Match on the string "ratio" in the entries below and return every matching line.
Content starts
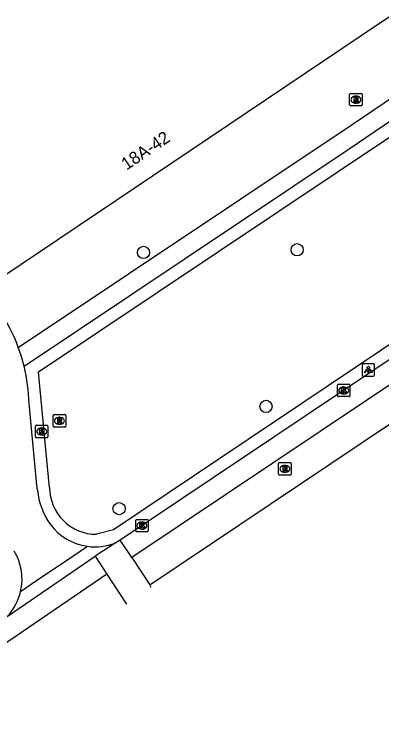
# Model space of a CAD drawing. Extents: x 158797 to 159887, y 384318 to 385255.
# Drawn here: x 159106.5 to 159136, y 384399.4 to 384456.6 of the extents above; entities that cross this region are included whole.
import ezdxf

# ---------------------------------------------------------------- set-up
doc = ezdxf.new("R2010")
doc.units = 0
for name, color, linetype in [('IMGEO_Boom', 7, 'Continuous'), ('IMGEO_Groenvoorziening', 7, 'Continuous'), ('IMGEO_Kolk', 7, 'Continuous'), ('IMGEO_Lichtpunt', 7, 'Continuous'), ('IMGEO_Pand', 7, 'Continuous'), ('IMGEO_Pand_nummerreeks', 7, 'Continuous'), ('IMGEO_Rijbaan_lokaal_gesloten', 7, 'Continuous'), ('IMGEO_Rijbaan_lokaal_open', 7, 'Continuous'), ('IMGEO_Rioolput', 7, 'Continuous'), ('IMGEO_Voetpad_open', 7, 'Continuous')]:
    doc.layers.add(name, color=color, linetype=linetype)

msp = doc.modelspace()

# ---------------------------------------------------------------- linework, layer by layer
at = {"layer": 'IMGEO_Boom'}
for centre in [(159129.245, 384437.674), (159116.923, 384437.457), (159126.746, 384425.111), (159114.957, 384416.909)]:
    msp.add_circle(centre, 0.489, dxfattribs=at)
at = {"layer": 'IMGEO_Groenvoorziening'}
for points in [[(159109.388, 384418.603), (159109.094, 384421.643), (159108.491, 384427.893), (159146.977, 384453.593)], [(159151.885, 384440.258), (159151.148, 384439.765), (159114.499, 384415.224), (159113.146, 384414.855)]]:
    msp.add_lwpolyline(points, dxfattribs=at)
msp.add_arc((159113.136, 384418.603), 3.748, 180.0048, 270.1479, dxfattribs=at)
at = {"layer": 'IMGEO_Kolk'}
for p, q in [((159132.48, 384425.965), (159132.48, 384426.817)), ((159132.555, 384426.891), (159133.407, 384426.891)), ((159133.481, 384426.817), (159133.481, 384425.965)), ((159132.991, 384426.111), (159132.966, 384426.111)), ((159132.968, 384426.671), (159132.993, 384426.671)), ((159133.407, 384425.891), (159132.555, 384425.891)), ((159116.294, 384415.122), (159116.294, 384415.974)), ((159116.369, 384416.048), (159117.221, 384416.048)), ((159116.782, 384415.828), (159116.807, 384415.828)), ((159117.295, 384415.974), (159117.295, 384415.122)), ((159116.805, 384415.268), (159116.78, 384415.268)), ((159117.221, 384415.048), (159116.369, 384415.048))]:
    msp.add_line(p, q, dxfattribs=at)
for points in [[(159132.48, 384425.965), (159132.48, 384426.817)], [(159132.555, 384426.891), (159133.407, 384426.891)], [(159133.481, 384426.817), (159133.481, 384425.965)], [(159132.801, 384426.591), (159132.924, 384426.591), (159132.924, 384426.44), (159133.054, 384426.591), (159133.218, 384426.591), (159133.072, 384426.44), (159133.225, 384426.191), (159133.073, 384426.191), (159132.988, 384426.355), (159132.924, 384426.288), (159132.924, 384426.191), (159132.801, 384426.191), (159132.801, 384426.591)], [(159133.407, 384425.891), (159132.555, 384425.891)], [(159116.294, 384415.122), (159116.294, 384415.974)], [(159116.369, 384416.048), (159117.221, 384416.048)], [(159117.295, 384415.974), (159117.295, 384415.122)], [(159116.615, 384415.748), (159116.738, 384415.748), (159116.738, 384415.597), (159116.868, 384415.748), (159117.032, 384415.748), (159116.886, 384415.597), (159117.039, 384415.348), (159116.887, 384415.348), (159116.802, 384415.512), (159116.738, 384415.445), (159116.738, 384415.348), (159116.615, 384415.348), (159116.615, 384415.748)], [(159117.221, 384415.048), (159116.369, 384415.048)]]:
    msp.add_lwpolyline(points, dxfattribs=at)
for centre, start, end in [((159132.557, 384426.815), 91.552, 178.448), ((159132.557, 384426.815), 91.552, 178.448), ((159133.405, 384426.815), 1.552, 88.448), ((159133.405, 384426.815), 1.552, 88.448), ((159132.557, 384425.967), 181.552, 268.448), ((159132.557, 384425.967), 181.552, 268.448), ((159133.405, 384425.967), 271.552, 358.448), ((159133.405, 384425.967), 271.552, 358.448), ((159116.371, 384415.972), 91.552, 178.448), ((159116.371, 384415.972), 91.552, 178.448), ((159117.219, 384415.972), 1.552, 88.448), ((159117.219, 384415.972), 1.552, 88.448), ((159116.371, 384415.124), 181.552, 268.448), ((159116.371, 384415.124), 181.552, 268.448), ((159117.219, 384415.124), 271.552, 358.448), ((159117.219, 384415.124), 271.552, 358.448)]:
    msp.add_arc(centre, 0.0765, start, end, dxfattribs=at)
for centre, major_axis, ratio, start_param, end_param in [((159132.967, 384426.391), (-0.387, 0.002), 0.722429, 4.712389, 7.853982), ((159132.992, 384426.391), (-0.39, 0.002), 0.717154, 1.570796, 4.712389), ((159116.781, 384415.548), (-0.387, 0.002), 0.722429, 4.712389, 7.853982), ((159116.806, 384415.548), (-0.39, 0.002), 0.717154, 1.570796, 4.712389)]:
    msp.add_ellipse(centre, major_axis=major_axis, ratio=ratio, start_param=start_param, end_param=end_param, dxfattribs=at)
at = {"layer": 'IMGEO_Lichtpunt'}
for p, q in [((159134.458, 384428.426), (159134.458, 384427.619)), ((159134.458, 384428.426), (159134.458, 384427.619)), ((159135.36, 384428.521), (159134.552, 384428.521)), ((159135.36, 384428.521), (159134.552, 384428.521)), ((159135.454, 384427.619), (159135.454, 384428.426)), ((159135.454, 384427.619), (159135.454, 384428.426)), ((159134.552, 384427.525), (159135.36, 384427.525)), ((159134.552, 384427.525), (159135.36, 384427.525))]:
    msp.add_line(p, q, dxfattribs=at)
for points in [[(159134.832, 384428.09), (159134.871, 384428.062), (159134.683, 384427.8), (159134.645, 384427.827), (159134.832, 384428.09)], [(159134.934, 384428.042), (159134.981, 384428.042), (159134.981, 384427.72), (159134.934, 384427.72), (159134.934, 384428.042)], [(159135.044, 384428.062), (159135.082, 384428.089), (159135.269, 384427.827), (159135.23, 384427.799), (159135.044, 384428.062)]]:
    msp.add_lwpolyline(points, dxfattribs=at)
msp.add_circle((159134.957, 384428.224), 0.0994, dxfattribs=at)
for centre, start, end in [((159134.552, 384428.426), 90, 180), ((159134.552, 384428.426), 90, 180), ((159135.36, 384428.426), 0, 90), ((159135.36, 384428.426), 0, 90), ((159134.552, 384427.619), 180, 270), ((159134.552, 384427.619), 180, 270), ((159135.36, 384427.619), 270, 0), ((159135.36, 384427.619), 270, 360)]:
    msp.add_arc(centre, 0.0946, start, end, dxfattribs=at)
at = {"layer": 'IMGEO_Pand'}
msp.add_lwpolyline([(159105.622, 384435.536), (159134.297, 384454.798), (159140.265, 384458.806), (159139.961, 384459.26)], dxfattribs=at)
at = {"layer": 'IMGEO_Rijbaan_lokaal_gesloten'}
for points in [[(159270.461, 384513.33), (159268.841, 384512.562), (159250.873, 384502.69), (159237.802, 384494.419), (159214.07, 384478.627), (159115.99, 384412.992)], [(159117.415, 384410.802), (159170.564, 384446.405), (159170.651, 384446.275), (159170.651, 384446.275)], [(159152.977, 384439.786), (159152.441, 384439.427), (159115.055, 384414.393)], [(159105.991, 384408.267), (159113.048, 384413.097)]]:
    msp.add_lwpolyline(points, dxfattribs=at)
at = {"layer": 'IMGEO_Rijbaan_lokaal_open'}
for points in [[(159108.404, 384418.385), (159108.367, 384418.769), (159108.226, 384420.231), (159107.732, 384425.348)], [(159114.655, 384414.147), (159113.048, 384413.097)], [(159115.055, 384414.393), (159114.655, 384414.147)], [(159115.99, 384412.992), (159115.055, 384414.393)], [(159107.06, 384410.273), (159108.337, 384411.145), (159111.25, 384413.104), (159112.416, 384413.889)], [(159113.048, 384413.097), (159113.987, 384411.669)], [(159115.99, 384412.992), (159117.415, 384410.802)], [(159113.987, 384411.669), (159096.03, 384399.42)], [(159113.987, 384411.669), (159115.546, 384409.253)], [(159117.539, 384410.592), (159117.415, 384410.802)]]:
    msp.add_lwpolyline(points, dxfattribs=at)
for centre, radius, start, end in [((159093.775, 384425.013), 13.962, 20.2439, 31.6487), ((159093.971, 384425.072), 13.758, 13.6769, 20.2951), ((159093.811, 384425.025), 13.925, 1.3303, 13.7102), ((159114.187, 384419.018), 5.817, 186.2511, 215.5893), ((159113.038, 384418.329), 4.483, 216.9634, 262.0244), ((159113.039, 384418.329), 4.483, 262.0144, 291.132), ((159102.795, 384411.256), 4.377, 347.0165, 30.9942), ((159102.8, 384411.255), 4.372, 316.8778, 347.0158)]:
    msp.add_arc(centre, radius, start, end, dxfattribs=at)
at = {"layer": 'IMGEO_Rioolput'}
for p, q in [((159133.458, 384449.283), (159133.458, 384450.135)), ((159133.533, 384450.209), (159134.385, 384450.209)), ((159134.459, 384450.135), (159134.459, 384449.283)), ((159133.946, 384449.989), (159133.971, 384449.989)), ((159134.385, 384449.209), (159133.533, 384449.209)), ((159133.969, 384449.429), (159133.944, 384449.429)), ((159109.749, 384424.454), (159110.601, 384424.454)), ((159109.674, 384423.528), (159109.674, 384424.38)), ((159110.162, 384424.234), (159110.187, 384424.234)), ((159110.675, 384424.38), (159110.675, 384423.528)), ((159108.249, 384422.675), (159108.249, 384423.527)), ((159108.324, 384423.601), (159109.176, 384423.601)), ((159108.737, 384423.381), (159108.762, 384423.381)), ((159109.25, 384423.527), (159109.25, 384422.675)), ((159110.601, 384423.454), (159109.749, 384423.454)), ((159110.185, 384423.674), (159110.16, 384423.674)), ((159108.76, 384422.821), (159108.735, 384422.821)), ((159109.176, 384422.601), (159108.324, 384422.601)), ((159127.761, 384419.674), (159127.761, 384420.526)), ((159127.836, 384420.6), (159128.688, 384420.6)), ((159128.762, 384420.526), (159128.762, 384419.674)), ((159128.272, 384419.82), (159128.247, 384419.82)), ((159128.249, 384420.38), (159128.274, 384420.38)), ((159128.688, 384419.6), (159127.836, 384419.6))]:
    msp.add_line(p, q, dxfattribs=at)
for points in [[(159133.458, 384449.283), (159133.458, 384450.135)], [(159133.533, 384450.209), (159134.385, 384450.209)], [(159134.459, 384450.135), (159134.459, 384449.283)], [(159134.047, 384449.907), (159133.795, 384449.909), (159133.795, 384449.509)], [(159133.795, 384449.509), (159133.919, 384449.509), (159133.919, 384449.671), (159133.93, 384449.671)], [(159133.973, 384449.828), (159133.919, 384449.828), (159133.919, 384449.747)], [(159133.919, 384449.747), (159133.971, 384449.747)], [(159133.977, 384449.642), (159134.048, 384449.509), (159134.188, 384449.509), (159134.123, 384449.635)], [(159134.385, 384449.209), (159133.533, 384449.209)], [(159109.749, 384424.454), (159110.601, 384424.454)], [(159109.674, 384423.528), (159109.674, 384424.38)], [(159110.263, 384424.152), (159110.011, 384424.154), (159110.011, 384423.754)], [(159110.011, 384423.754), (159110.135, 384423.754), (159110.135, 384423.916), (159110.146, 384423.916)], [(159110.189, 384424.073), (159110.135, 384424.073), (159110.135, 384423.992)], [(159110.135, 384423.992), (159110.187, 384423.992)], [(159110.193, 384423.887), (159110.264, 384423.754), (159110.404, 384423.754), (159110.339, 384423.88)], [(159110.675, 384424.38), (159110.675, 384423.528)], [(159108.249, 384422.675), (159108.249, 384423.527)], [(159108.324, 384423.601), (159109.176, 384423.601)], [(159108.838, 384423.299), (159108.586, 384423.301), (159108.586, 384422.901)], [(159109.25, 384423.527), (159109.25, 384422.675)], [(159110.601, 384423.454), (159109.749, 384423.454)], [(159108.586, 384422.901), (159108.71, 384422.901), (159108.71, 384423.063), (159108.721, 384423.063)], [(159108.764, 384423.22), (159108.71, 384423.22), (159108.71, 384423.139)], [(159108.71, 384423.139), (159108.762, 384423.139)], [(159108.768, 384423.034), (159108.839, 384422.901), (159108.979, 384422.901), (159108.914, 384423.027)], [(159109.176, 384422.601), (159108.324, 384422.601)], [(159127.761, 384419.674), (159127.761, 384420.526)], [(159127.836, 384420.6), (159128.688, 384420.6)], [(159128.762, 384420.526), (159128.762, 384419.674)], [(159128.35, 384420.298), (159128.098, 384420.3), (159128.098, 384419.9)], [(159128.098, 384419.9), (159128.222, 384419.9), (159128.222, 384420.062), (159128.233, 384420.062)], [(159128.276, 384420.219), (159128.222, 384420.219), (159128.222, 384420.138)], [(159128.222, 384420.138), (159128.274, 384420.138)], [(159128.28, 384420.033), (159128.351, 384419.9), (159128.491, 384419.9), (159128.426, 384420.026)], [(159128.688, 384419.6), (159127.836, 384419.6)]]:
    msp.add_lwpolyline(points, dxfattribs=at)
for centre, radius, start, end in [((159133.535, 384450.133), 0.0765, 91.552, 178.448), ((159133.535, 384450.133), 0.0765, 91.552, 178.448), ((159134.383, 384450.133), 0.0765, 1.552, 88.448), ((159134.383, 384450.133), 0.0765, 1.552, 88.448), ((159133.929, 384449.618), 0.0533, 26.0293, 88.6989), ((159133.955, 384449.936), 0.19, 274.7715, 282.9687), ((159133.979, 384449.732), 0.0964, 77.0061, 93.1865), ((159133.993, 384449.789), 0.0378, 276.6634, 79.6772), ((159134.046, 384449.797), 0.109, 350.3612, 89.416), ((159134.044, 384449.797), 0.112, 277.5842, 350.9817), ((159134.028, 384449.582), 0.108, 29.5134, 73.7905), ((159133.535, 384449.285), 0.0765, 181.552, 268.448), ((159133.535, 384449.285), 0.0765, 181.552, 268.448), ((159134.383, 384449.285), 0.0765, 271.552, 358.448), ((159134.383, 384449.285), 0.0765, 271.552, 358.448), ((159109.751, 384424.378), 0.0765, 91.552, 178.448), ((159109.751, 384424.378), 0.0765, 91.552, 178.448), ((159110.599, 384424.378), 0.0765, 1.552, 88.448), ((159110.599, 384424.378), 0.0765, 1.552, 88.448), ((159110.145, 384423.863), 0.0533, 26.0293, 88.6989), ((159110.171, 384424.181), 0.19, 274.7715, 282.9687), ((159110.195, 384423.977), 0.0964, 77.0061, 93.1865), ((159110.209, 384424.034), 0.0378, 276.6634, 79.6772), ((159110.262, 384424.042), 0.109, 350.3612, 89.416), ((159110.26, 384424.042), 0.112, 277.5842, 350.9817), ((159110.244, 384423.827), 0.108, 29.5134, 73.7905), ((159108.326, 384423.525), 0.0765, 91.552, 178.448), ((159108.326, 384423.525), 0.0765, 91.552, 178.448), ((159108.837, 384423.189), 0.109, 350.3612, 89.416), ((159109.174, 384423.525), 0.0765, 1.552, 88.448), ((159109.174, 384423.525), 0.0765, 1.552, 88.448), ((159109.751, 384423.53), 0.0765, 181.552, 268.448), ((159109.751, 384423.53), 0.0765, 181.552, 268.448), ((159110.599, 384423.53), 0.0765, 271.552, 358.448), ((159110.599, 384423.53), 0.0765, 271.552, 358.448), ((159108.72, 384423.01), 0.0533, 26.0293, 88.6989), ((159108.746, 384423.328), 0.19, 274.7715, 282.9687), ((159108.77, 384423.124), 0.0964, 77.0061, 93.1865), ((159108.784, 384423.181), 0.0378, 276.6634, 79.6772), ((159108.835, 384423.189), 0.112, 277.5842, 350.9817), ((159108.819, 384422.974), 0.108, 29.5134, 73.7905), ((159108.326, 384422.677), 0.0765, 181.552, 268.448), ((159108.326, 384422.677), 0.0765, 181.552, 268.448), ((159109.174, 384422.677), 0.0765, 271.552, 358.448), ((159109.174, 384422.677), 0.0765, 271.552, 358.448), ((159127.838, 384420.524), 0.0765, 91.552, 178.448), ((159127.838, 384420.524), 0.0765, 91.552, 178.448), ((159128.686, 384420.524), 0.0765, 1.552, 88.448), ((159128.686, 384420.524), 0.0765, 1.552, 88.448), ((159128.232, 384420.009), 0.0533, 26.0293, 88.6989), ((159128.258, 384420.327), 0.19, 274.7715, 282.9687), ((159128.282, 384420.123), 0.0964, 77.0061, 93.1865), ((159128.296, 384420.18), 0.0378, 276.6634, 79.6772), ((159128.349, 384420.188), 0.109, 350.3612, 89.416), ((159128.347, 384420.188), 0.112, 277.5842, 350.9817), ((159128.331, 384419.973), 0.108, 29.5134, 73.7905), ((159127.838, 384419.676), 0.0765, 181.552, 268.448), ((159127.838, 384419.676), 0.0765, 181.552, 268.448), ((159128.686, 384419.676), 0.0765, 271.552, 358.448), ((159128.686, 384419.676), 0.0765, 271.552, 358.448)]:
    msp.add_arc(centre, radius, start, end, dxfattribs=at)
for centre, major_axis, ratio, start_param, end_param in [((159133.945, 384449.709), (-0.387, 0.002), 0.722429, 4.712389, 7.853982), ((159133.97, 384449.709), (-0.39, 0.002), 0.717154, 1.570796, 4.712389), ((159110.161, 384423.954), (-0.387, 0.002), 0.722429, 4.712389, 7.853982), ((159110.186, 384423.954), (-0.39, 0.002), 0.717154, 1.570796, 4.712389), ((159108.736, 384423.101), (-0.387, 0.002), 0.722429, 4.712389, 7.853982), ((159108.761, 384423.101), (-0.39, 0.002), 0.717154, 1.570796, 4.712389), ((159128.248, 384420.1), (-0.387, 0.002), 0.722429, 4.712389, 7.853982), ((159128.273, 384420.1), (-0.39, 0.002), 0.717154, 1.570796, 4.712389)]:
    msp.add_ellipse(centre, major_axis=major_axis, ratio=ratio, start_param=start_param, end_param=end_param, dxfattribs=at)
at = {"layer": 'IMGEO_Voetpad_open'}
for points in [[(159106.875, 384429.844), (159133.657, 384447.711), (159146.329, 384456.299)], [(159107.339, 384428.325), (159133.348, 384445.716), (159147.152, 384455.106)]]:
    msp.add_lwpolyline(points, dxfattribs=at)

# ---------------------------------------------------------------- texts
at = {"layer": 'IMGEO_Pand_nummerreeks'}
msp.add_text('18A-42', height=1, rotation=33.8905, dxfattribs=at).set_placement((159115.559, 384444.018))

doc.saveas('drawing.dxf')
Content ends
EXERCISE RESPONSE =
for centre, major_axis, ratio, start_param, end_param in [((159132.967, 384426.391), (-0.387, 0.002), 0.722429, 4.712389, 7.853982), ((159132.992, 384426.391), (-0.39, 0.002), 0.717154, 1.570796, 4.712389), ((159116.781, 384415.548), (-0.387, 0.002), 0.722429, 4.712389, 7.853982), ((159116.806, 384415.548), (-0.39, 0.002), 0.717154, 1.570796, 4.712389)]:
    msp.add_ellipse(centre, major_axis=major_axis, ratio=ratio, start_param=start_param, end_param=end_param, dxfattribs=at)
for centre, major_axis, ratio, start_param, end_param in [((159133.945, 384449.709), (-0.387, 0.002), 0.722429, 4.712389, 7.853982), ((159133.97, 384449.709), (-0.39, 0.002), 0.717154, 1.570796, 4.712389), ((159110.161, 384423.954), (-0.387, 0.002), 0.722429, 4.712389, 7.853982), ((159110.186, 384423.954), (-0.39, 0.002), 0.717154, 1.570796, 4.712389), ((159108.736, 384423.101), (-0.387, 0.002), 0.722429, 4.712389, 7.853982), ((159108.761, 384423.101), (-0.39, 0.002), 0.717154, 1.570796, 4.712389), ((159128.248, 384420.1), (-0.387, 0.002), 0.722429, 4.712389, 7.853982), ((159128.273, 384420.1), (-0.39, 0.002), 0.717154, 1.570796, 4.712389)]:
    msp.add_ellipse(centre, major_axis=major_axis, ratio=ratio, start_param=start_param, end_param=end_param, dxfattribs=at)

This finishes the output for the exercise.